## EXERCISE AIM
In the listing below, find each line that holds the string "cylindrical" and copy it.

## RECORDS PROVIDED
══════════════════════════════

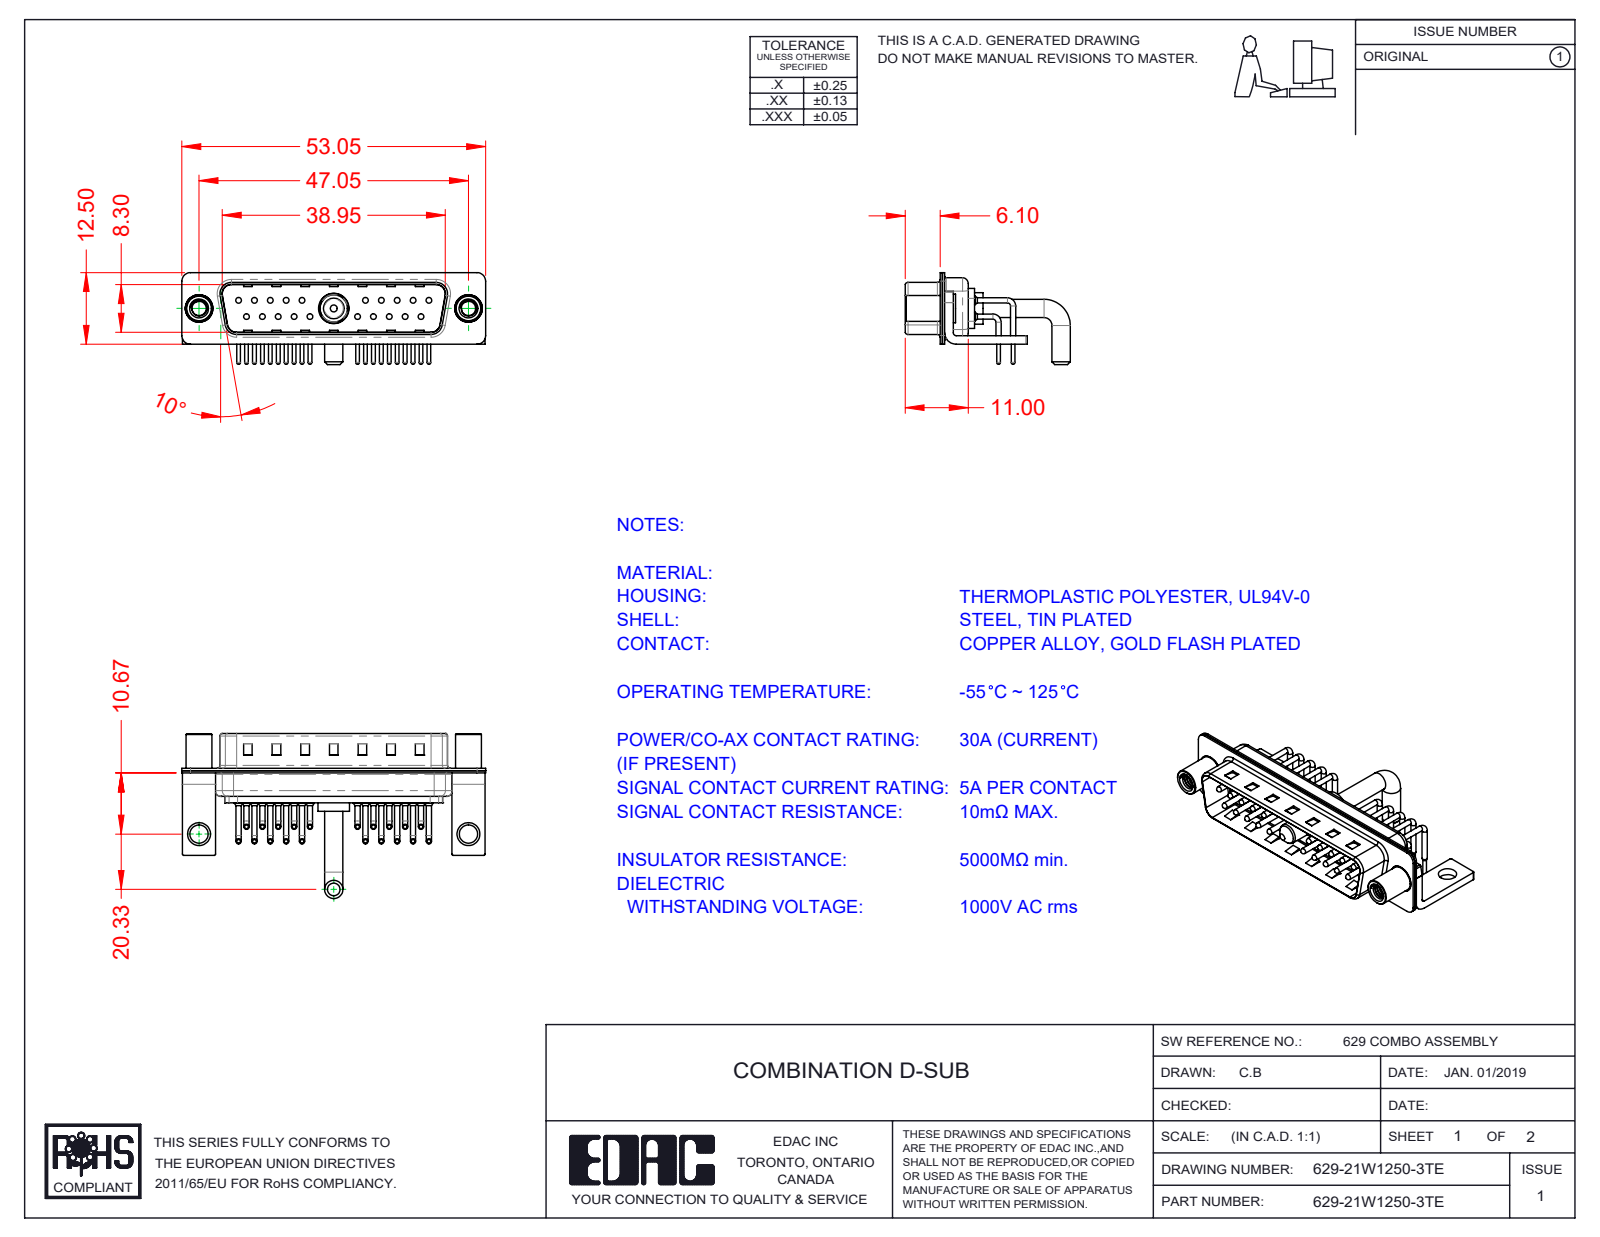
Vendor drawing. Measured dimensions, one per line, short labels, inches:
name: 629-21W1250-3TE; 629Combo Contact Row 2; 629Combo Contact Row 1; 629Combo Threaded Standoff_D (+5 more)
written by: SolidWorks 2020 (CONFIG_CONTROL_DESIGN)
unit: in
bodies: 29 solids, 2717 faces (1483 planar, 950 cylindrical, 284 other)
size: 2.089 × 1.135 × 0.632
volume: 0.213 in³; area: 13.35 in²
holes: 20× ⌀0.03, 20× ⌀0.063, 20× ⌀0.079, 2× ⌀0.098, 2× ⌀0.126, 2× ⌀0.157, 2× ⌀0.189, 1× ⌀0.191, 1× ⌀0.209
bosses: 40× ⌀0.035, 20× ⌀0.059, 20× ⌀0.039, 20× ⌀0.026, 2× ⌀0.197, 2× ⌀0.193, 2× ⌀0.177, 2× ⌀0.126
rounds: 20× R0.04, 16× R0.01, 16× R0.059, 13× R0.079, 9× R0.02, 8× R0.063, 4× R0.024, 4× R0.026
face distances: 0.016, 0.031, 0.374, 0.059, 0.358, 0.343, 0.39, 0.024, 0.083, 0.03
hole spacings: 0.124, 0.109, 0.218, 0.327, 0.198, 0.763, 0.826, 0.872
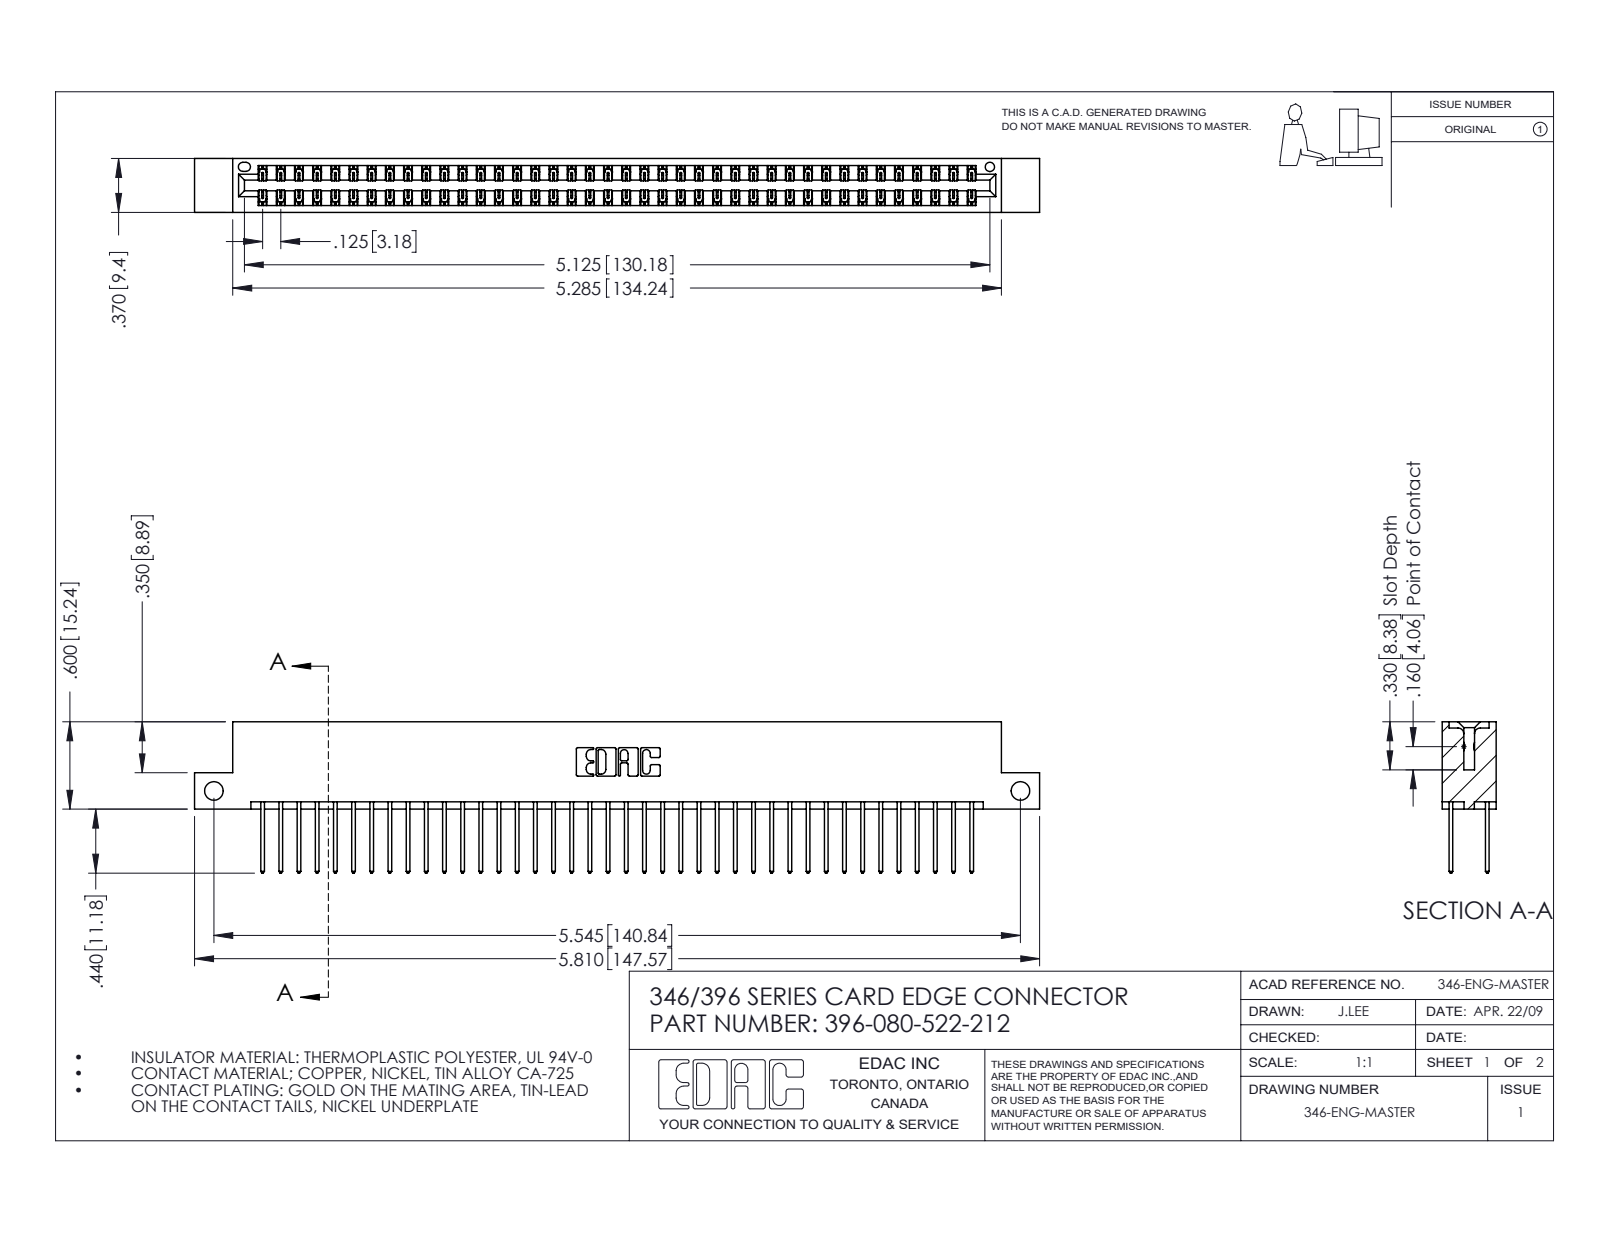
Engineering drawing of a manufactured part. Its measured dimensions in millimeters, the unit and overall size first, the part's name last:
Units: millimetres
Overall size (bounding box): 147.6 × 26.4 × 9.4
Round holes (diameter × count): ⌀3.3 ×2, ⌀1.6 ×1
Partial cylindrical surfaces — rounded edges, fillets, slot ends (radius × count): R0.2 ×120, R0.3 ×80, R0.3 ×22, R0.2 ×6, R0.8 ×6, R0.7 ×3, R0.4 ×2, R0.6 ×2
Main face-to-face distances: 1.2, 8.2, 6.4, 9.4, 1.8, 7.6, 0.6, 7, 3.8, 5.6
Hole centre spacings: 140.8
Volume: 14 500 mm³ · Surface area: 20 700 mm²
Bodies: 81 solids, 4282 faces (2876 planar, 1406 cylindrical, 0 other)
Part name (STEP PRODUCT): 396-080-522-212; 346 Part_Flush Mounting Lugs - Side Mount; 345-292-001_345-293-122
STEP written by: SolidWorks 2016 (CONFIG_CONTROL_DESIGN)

══════════════════════════════

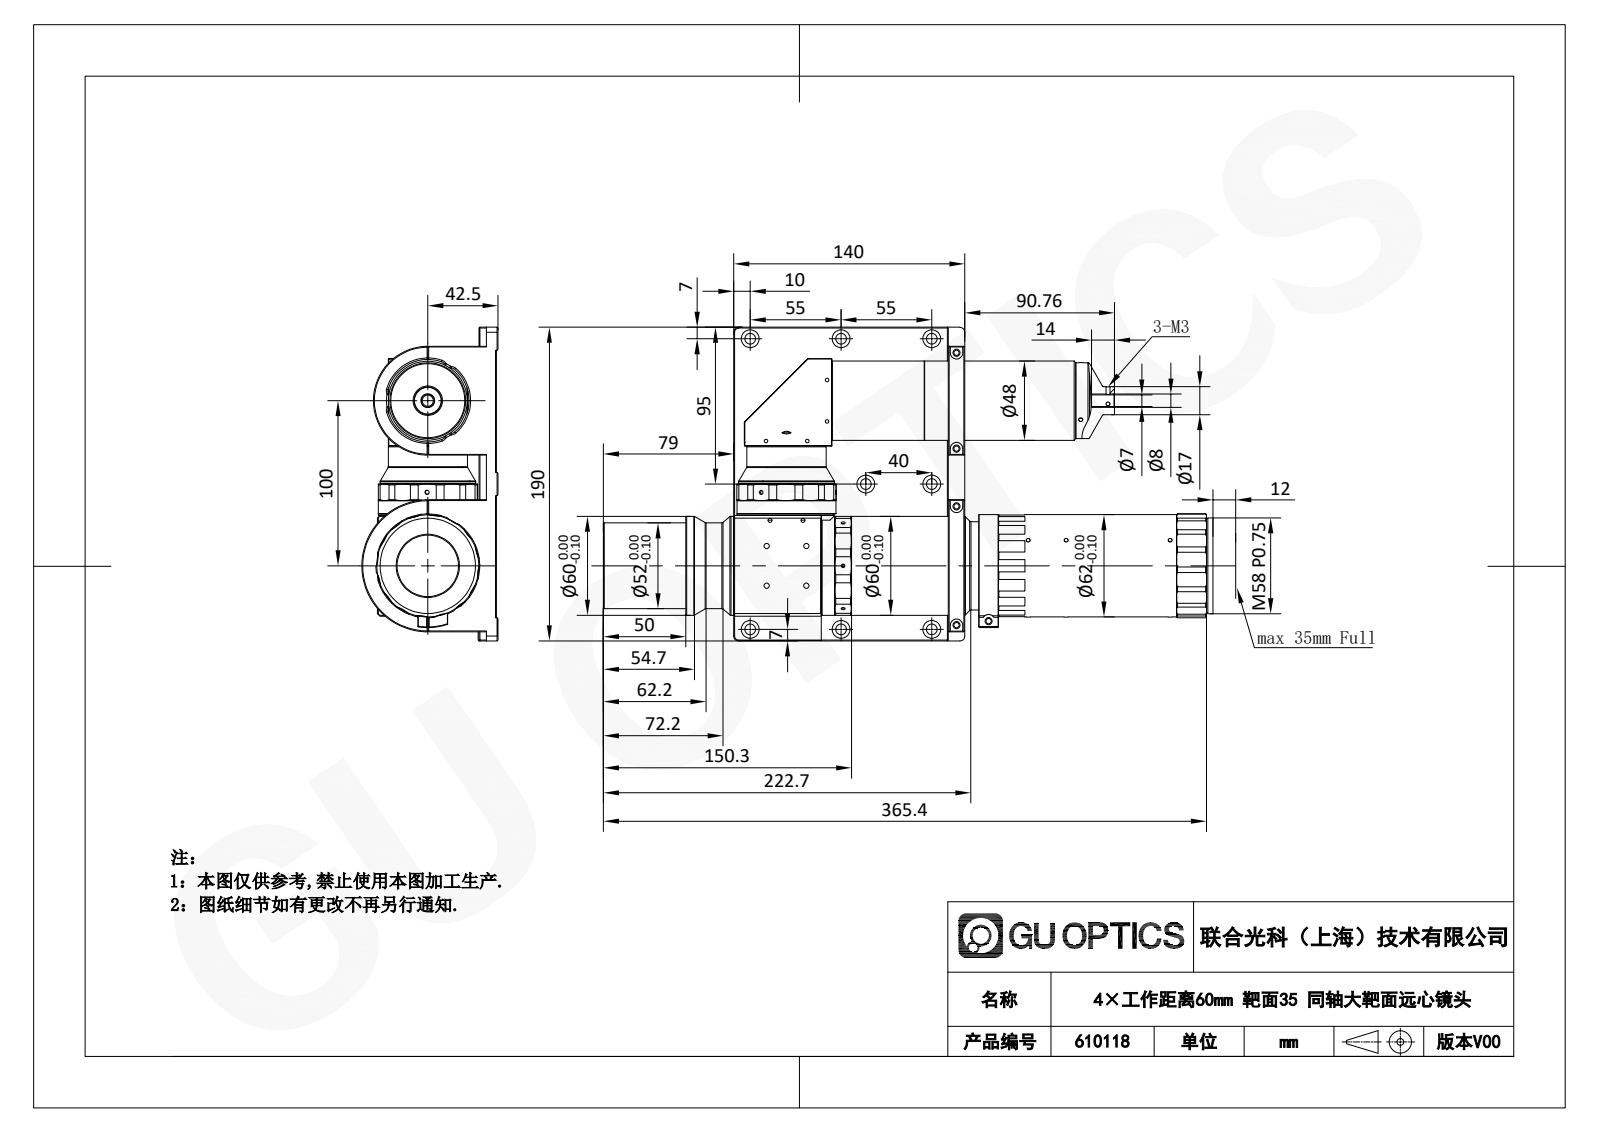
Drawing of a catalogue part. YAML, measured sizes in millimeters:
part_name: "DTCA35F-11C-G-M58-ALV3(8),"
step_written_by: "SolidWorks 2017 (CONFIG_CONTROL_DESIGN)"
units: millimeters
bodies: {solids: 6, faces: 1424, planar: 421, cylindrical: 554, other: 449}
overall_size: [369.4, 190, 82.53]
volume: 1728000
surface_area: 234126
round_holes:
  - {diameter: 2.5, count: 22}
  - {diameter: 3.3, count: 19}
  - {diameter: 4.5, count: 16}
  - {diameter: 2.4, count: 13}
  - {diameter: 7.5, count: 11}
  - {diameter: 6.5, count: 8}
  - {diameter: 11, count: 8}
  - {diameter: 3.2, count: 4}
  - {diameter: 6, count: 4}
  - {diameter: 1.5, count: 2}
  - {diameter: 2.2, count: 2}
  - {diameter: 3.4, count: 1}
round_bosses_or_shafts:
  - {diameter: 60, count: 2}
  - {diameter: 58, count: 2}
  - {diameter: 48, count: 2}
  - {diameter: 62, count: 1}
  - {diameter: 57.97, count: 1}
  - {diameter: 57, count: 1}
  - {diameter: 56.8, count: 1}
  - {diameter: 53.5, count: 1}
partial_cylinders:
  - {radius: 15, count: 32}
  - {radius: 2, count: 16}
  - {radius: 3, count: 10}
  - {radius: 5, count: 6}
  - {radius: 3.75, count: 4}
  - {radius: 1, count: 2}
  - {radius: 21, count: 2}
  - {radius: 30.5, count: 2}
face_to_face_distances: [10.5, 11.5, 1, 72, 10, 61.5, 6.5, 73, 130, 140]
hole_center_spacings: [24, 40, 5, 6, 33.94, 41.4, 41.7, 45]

══════════════════════════════

## ANSWER SECTION
bodies: 29 solids, 2717 faces (1483 planar, 950 cylindrical, 284 other)
Partial cylindrical surfaces — rounded edges, fillets, slot ends (radius × count): R0.2 ×120, R0.3 ×80, R0.3 ×22, R0.2 ×6, R0.8 ×6, R0.7 ×3, R0.4 ×2, R0.6 ×2
Bodies: 81 solids, 4282 faces (2876 planar, 1406 cylindrical, 0 other)
bodies: {solids: 6, faces: 1424, planar: 421, cylindrical: 554, other: 449}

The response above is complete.